ASSIGNED TASK :: If a line in the data holds "name", copy that line out in full.

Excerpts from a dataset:
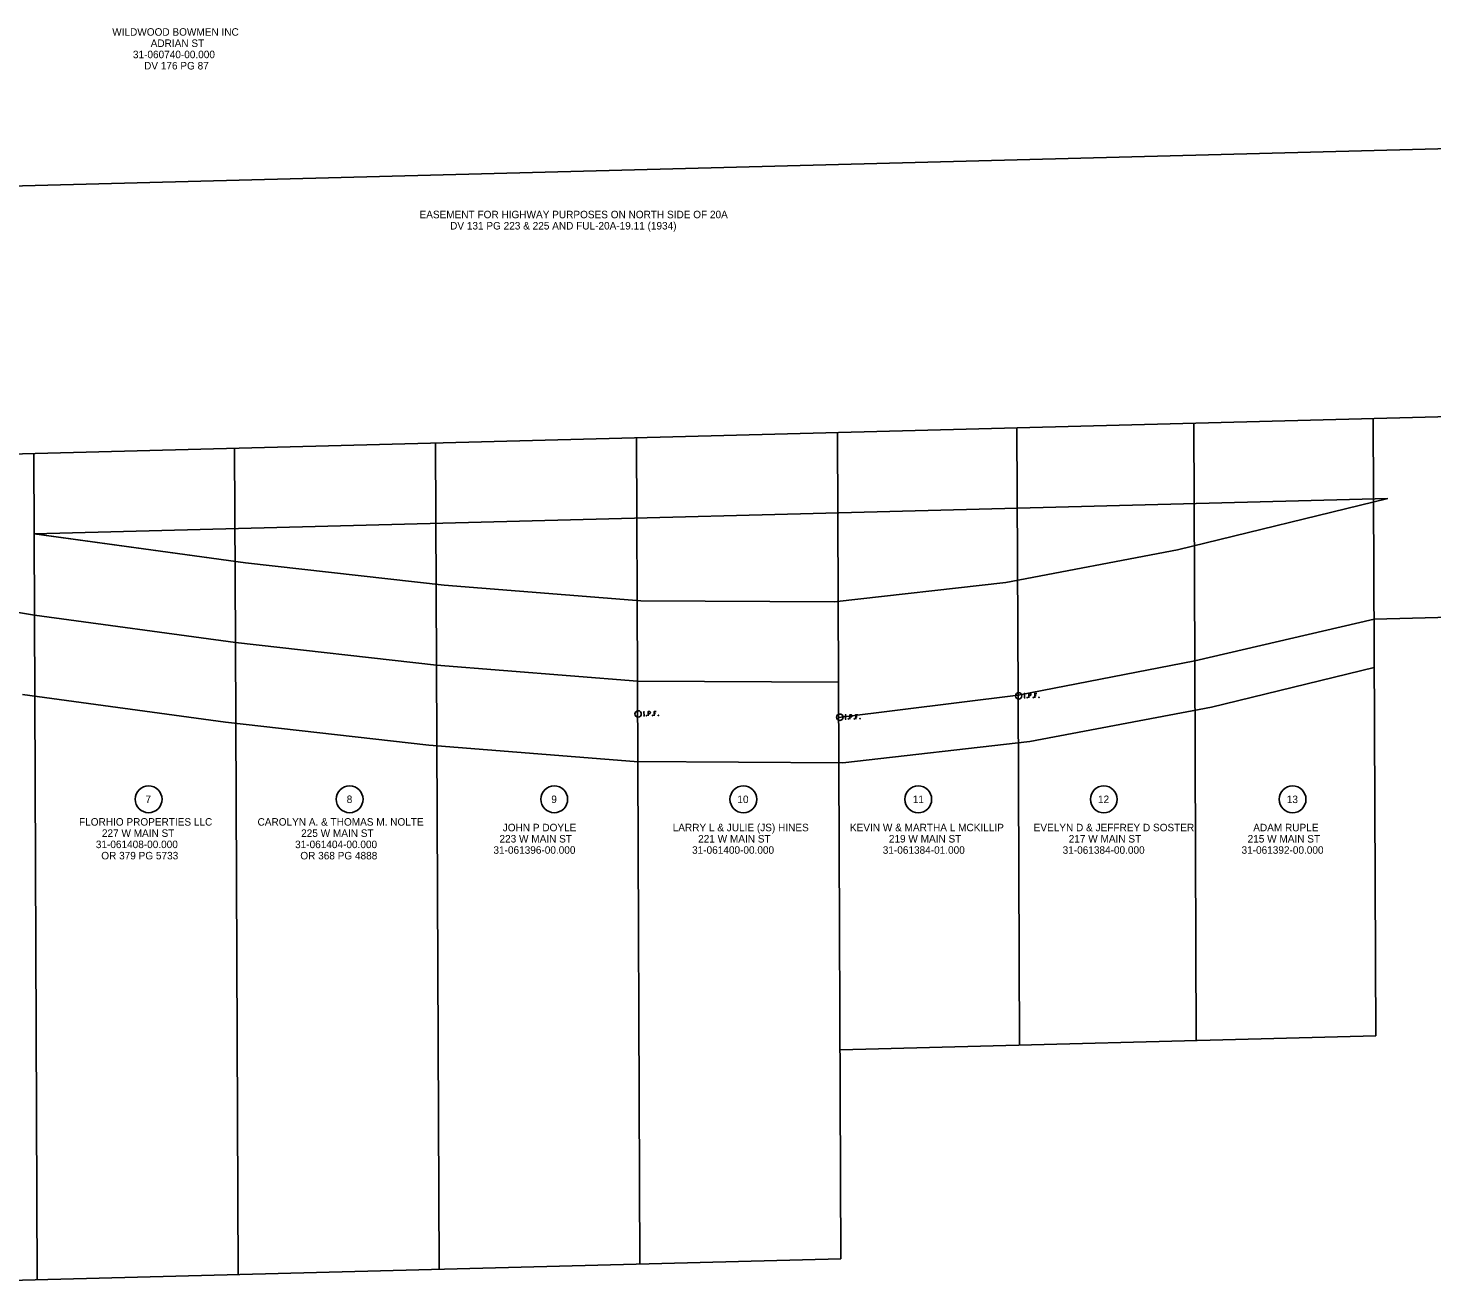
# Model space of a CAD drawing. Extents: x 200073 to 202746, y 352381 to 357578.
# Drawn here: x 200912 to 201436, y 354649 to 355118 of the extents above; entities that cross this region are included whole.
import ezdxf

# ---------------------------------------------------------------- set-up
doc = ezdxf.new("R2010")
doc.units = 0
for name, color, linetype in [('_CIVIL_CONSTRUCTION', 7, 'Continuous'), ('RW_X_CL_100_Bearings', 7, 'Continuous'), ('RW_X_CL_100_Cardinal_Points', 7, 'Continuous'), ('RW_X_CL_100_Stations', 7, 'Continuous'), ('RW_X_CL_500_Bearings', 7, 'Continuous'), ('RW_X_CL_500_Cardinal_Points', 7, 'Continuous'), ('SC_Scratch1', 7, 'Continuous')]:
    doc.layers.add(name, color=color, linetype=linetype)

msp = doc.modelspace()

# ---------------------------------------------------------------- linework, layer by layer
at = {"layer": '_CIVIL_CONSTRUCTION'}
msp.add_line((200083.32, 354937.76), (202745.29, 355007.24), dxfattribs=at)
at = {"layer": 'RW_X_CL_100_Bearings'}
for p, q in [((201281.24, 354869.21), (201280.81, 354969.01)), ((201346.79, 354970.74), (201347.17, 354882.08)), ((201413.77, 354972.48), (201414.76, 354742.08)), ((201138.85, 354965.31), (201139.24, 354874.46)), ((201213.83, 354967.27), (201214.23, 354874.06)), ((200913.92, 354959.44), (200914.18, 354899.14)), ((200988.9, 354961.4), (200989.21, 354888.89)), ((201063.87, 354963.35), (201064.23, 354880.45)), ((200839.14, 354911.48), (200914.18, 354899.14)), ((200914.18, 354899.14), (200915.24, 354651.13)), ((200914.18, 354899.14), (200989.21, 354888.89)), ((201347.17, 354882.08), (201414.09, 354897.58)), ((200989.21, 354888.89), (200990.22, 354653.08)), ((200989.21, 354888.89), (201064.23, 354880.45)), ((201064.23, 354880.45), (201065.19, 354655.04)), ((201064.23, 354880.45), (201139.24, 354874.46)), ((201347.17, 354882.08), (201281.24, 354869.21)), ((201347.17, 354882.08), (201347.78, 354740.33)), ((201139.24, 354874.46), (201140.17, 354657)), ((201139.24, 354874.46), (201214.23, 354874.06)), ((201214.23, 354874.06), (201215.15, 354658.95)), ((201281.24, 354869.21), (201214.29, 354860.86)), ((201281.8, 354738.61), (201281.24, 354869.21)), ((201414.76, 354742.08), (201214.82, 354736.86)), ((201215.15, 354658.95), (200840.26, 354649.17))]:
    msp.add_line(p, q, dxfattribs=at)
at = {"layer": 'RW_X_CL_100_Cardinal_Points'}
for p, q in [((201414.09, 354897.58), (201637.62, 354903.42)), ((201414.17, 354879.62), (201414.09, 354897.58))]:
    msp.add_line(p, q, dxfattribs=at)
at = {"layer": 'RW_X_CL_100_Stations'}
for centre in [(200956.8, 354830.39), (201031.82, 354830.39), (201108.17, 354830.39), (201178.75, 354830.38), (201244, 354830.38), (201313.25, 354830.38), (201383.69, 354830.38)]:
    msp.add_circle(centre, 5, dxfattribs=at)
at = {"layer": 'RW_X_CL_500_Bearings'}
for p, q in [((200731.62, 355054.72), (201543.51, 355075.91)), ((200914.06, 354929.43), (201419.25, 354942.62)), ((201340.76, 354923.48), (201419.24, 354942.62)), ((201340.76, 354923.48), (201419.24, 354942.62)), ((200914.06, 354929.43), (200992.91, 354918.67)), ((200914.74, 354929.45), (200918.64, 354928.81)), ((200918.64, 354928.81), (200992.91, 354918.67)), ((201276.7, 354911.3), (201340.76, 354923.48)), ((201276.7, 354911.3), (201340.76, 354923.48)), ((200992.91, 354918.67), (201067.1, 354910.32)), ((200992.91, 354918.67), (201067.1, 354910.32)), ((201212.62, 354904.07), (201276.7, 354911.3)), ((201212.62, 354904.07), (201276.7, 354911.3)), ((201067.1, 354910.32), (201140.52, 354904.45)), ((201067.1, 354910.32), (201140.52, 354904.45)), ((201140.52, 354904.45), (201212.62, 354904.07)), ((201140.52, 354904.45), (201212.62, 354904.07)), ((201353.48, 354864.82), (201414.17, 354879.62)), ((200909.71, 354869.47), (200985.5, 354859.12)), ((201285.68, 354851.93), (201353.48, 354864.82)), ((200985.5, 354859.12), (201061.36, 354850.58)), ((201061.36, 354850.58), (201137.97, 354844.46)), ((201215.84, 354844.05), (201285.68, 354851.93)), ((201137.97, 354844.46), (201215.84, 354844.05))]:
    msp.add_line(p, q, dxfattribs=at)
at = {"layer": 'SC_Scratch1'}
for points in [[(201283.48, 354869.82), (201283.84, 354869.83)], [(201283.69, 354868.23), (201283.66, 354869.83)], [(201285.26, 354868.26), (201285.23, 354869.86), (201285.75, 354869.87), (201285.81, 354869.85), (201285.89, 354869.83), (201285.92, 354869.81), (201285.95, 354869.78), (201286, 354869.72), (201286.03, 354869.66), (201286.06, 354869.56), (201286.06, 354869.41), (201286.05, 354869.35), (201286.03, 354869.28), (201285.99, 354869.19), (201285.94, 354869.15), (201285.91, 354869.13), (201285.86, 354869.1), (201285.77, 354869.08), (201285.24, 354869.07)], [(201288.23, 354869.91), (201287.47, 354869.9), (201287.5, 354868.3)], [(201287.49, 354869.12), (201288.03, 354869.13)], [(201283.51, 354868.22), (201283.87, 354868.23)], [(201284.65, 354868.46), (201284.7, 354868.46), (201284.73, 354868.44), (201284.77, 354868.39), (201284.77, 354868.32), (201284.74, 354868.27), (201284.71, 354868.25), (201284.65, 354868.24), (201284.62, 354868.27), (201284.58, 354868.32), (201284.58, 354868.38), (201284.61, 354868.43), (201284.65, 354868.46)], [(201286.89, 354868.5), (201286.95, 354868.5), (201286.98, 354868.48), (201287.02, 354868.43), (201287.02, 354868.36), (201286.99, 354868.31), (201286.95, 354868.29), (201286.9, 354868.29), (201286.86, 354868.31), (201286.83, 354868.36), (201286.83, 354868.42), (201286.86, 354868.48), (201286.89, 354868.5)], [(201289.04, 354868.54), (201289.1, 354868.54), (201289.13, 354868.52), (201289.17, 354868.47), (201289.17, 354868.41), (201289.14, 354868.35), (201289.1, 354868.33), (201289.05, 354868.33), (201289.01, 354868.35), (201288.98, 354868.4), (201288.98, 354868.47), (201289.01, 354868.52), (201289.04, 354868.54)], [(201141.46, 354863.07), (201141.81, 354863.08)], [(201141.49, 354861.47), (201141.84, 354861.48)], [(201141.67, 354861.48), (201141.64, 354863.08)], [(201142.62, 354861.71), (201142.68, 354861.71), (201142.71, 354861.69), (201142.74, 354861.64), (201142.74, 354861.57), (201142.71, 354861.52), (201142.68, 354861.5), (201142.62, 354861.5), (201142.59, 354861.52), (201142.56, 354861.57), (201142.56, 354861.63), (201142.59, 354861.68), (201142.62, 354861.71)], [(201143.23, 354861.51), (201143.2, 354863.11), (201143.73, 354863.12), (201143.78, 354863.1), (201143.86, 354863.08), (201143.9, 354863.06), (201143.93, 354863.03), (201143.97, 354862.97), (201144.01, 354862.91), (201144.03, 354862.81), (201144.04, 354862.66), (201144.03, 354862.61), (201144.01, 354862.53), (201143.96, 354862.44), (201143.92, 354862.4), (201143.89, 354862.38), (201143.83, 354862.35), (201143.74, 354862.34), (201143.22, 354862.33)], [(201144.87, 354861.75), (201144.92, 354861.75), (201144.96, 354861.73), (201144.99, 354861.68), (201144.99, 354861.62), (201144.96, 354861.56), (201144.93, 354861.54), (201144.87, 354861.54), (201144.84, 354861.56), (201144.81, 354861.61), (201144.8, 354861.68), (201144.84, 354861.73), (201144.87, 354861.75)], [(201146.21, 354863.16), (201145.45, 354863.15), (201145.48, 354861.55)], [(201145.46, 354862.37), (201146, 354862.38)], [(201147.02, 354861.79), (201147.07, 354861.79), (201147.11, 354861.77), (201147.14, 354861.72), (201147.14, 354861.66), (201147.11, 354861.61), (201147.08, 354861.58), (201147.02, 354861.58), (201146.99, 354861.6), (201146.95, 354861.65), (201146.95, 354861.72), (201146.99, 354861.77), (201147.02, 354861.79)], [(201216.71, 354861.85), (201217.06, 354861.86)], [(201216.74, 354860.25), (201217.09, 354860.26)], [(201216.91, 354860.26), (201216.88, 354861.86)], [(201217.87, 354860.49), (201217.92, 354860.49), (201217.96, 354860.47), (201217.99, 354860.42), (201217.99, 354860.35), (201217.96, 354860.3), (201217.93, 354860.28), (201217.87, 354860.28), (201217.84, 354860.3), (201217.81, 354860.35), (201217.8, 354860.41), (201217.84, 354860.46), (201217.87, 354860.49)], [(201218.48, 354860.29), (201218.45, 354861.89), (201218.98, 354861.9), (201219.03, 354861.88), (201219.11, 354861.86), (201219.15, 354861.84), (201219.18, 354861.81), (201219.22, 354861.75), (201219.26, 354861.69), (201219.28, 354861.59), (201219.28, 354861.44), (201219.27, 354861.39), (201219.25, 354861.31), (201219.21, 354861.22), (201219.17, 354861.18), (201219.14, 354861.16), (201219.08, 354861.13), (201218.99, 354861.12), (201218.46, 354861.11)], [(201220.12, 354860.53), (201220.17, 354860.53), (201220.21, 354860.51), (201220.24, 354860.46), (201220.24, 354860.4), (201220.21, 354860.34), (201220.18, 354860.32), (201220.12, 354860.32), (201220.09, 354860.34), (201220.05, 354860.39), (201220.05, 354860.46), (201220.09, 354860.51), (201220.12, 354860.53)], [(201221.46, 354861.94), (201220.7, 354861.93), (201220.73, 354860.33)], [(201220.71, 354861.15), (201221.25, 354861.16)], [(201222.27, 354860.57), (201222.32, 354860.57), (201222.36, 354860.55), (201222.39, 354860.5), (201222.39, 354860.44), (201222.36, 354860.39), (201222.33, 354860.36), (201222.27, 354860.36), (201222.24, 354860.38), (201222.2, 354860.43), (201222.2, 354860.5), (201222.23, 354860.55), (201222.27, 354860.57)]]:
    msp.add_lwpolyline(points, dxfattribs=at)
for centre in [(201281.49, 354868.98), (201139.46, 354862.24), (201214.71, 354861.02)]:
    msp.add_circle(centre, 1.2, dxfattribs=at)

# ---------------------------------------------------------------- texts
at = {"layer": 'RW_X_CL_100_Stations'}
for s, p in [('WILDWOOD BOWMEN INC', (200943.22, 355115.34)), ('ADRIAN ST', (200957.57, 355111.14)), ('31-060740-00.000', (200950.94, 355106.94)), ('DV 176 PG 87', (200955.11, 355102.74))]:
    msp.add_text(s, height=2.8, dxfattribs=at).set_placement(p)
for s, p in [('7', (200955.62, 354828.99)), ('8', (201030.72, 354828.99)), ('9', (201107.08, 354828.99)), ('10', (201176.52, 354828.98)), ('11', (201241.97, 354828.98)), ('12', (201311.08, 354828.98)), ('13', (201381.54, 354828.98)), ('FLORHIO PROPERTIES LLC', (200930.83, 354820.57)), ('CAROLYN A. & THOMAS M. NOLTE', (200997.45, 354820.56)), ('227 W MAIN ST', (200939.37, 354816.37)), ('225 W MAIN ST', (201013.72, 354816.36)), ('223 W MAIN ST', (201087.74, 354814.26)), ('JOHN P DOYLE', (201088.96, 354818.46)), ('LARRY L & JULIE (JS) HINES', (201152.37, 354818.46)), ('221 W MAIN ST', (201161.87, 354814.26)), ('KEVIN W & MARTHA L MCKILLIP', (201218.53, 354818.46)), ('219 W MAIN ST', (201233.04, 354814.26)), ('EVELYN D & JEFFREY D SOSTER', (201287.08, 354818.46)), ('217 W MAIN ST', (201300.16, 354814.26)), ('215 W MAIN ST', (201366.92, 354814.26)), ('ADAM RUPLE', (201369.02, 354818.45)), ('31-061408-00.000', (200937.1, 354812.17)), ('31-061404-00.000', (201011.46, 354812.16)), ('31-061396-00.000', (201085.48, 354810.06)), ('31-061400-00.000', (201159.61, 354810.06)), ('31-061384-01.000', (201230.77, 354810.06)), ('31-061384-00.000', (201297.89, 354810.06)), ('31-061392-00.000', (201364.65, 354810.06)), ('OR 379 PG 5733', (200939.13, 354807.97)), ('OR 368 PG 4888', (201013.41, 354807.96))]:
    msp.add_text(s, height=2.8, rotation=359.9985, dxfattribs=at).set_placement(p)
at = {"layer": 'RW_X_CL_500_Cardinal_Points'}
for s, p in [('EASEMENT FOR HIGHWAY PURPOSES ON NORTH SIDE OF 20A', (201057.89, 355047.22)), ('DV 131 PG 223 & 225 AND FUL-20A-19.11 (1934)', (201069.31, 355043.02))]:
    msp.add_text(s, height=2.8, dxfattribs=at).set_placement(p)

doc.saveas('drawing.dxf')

SOLUTION ::
for name, color, linetype in [('_CIVIL_CONSTRUCTION', 7, 'Continuous'), ('RW_X_CL_100_Bearings', 7, 'Continuous'), ('RW_X_CL_100_Cardinal_Points', 7, 'Continuous'), ('RW_X_CL_100_Stations', 7, 'Continuous'), ('RW_X_CL_500_Bearings', 7, 'Continuous'), ('RW_X_CL_500_Cardinal_Points', 7, 'Continuous'), ('SC_Scratch1', 7, 'Continuous')]:
    doc.layers.add(name, color=color, linetype=linetype)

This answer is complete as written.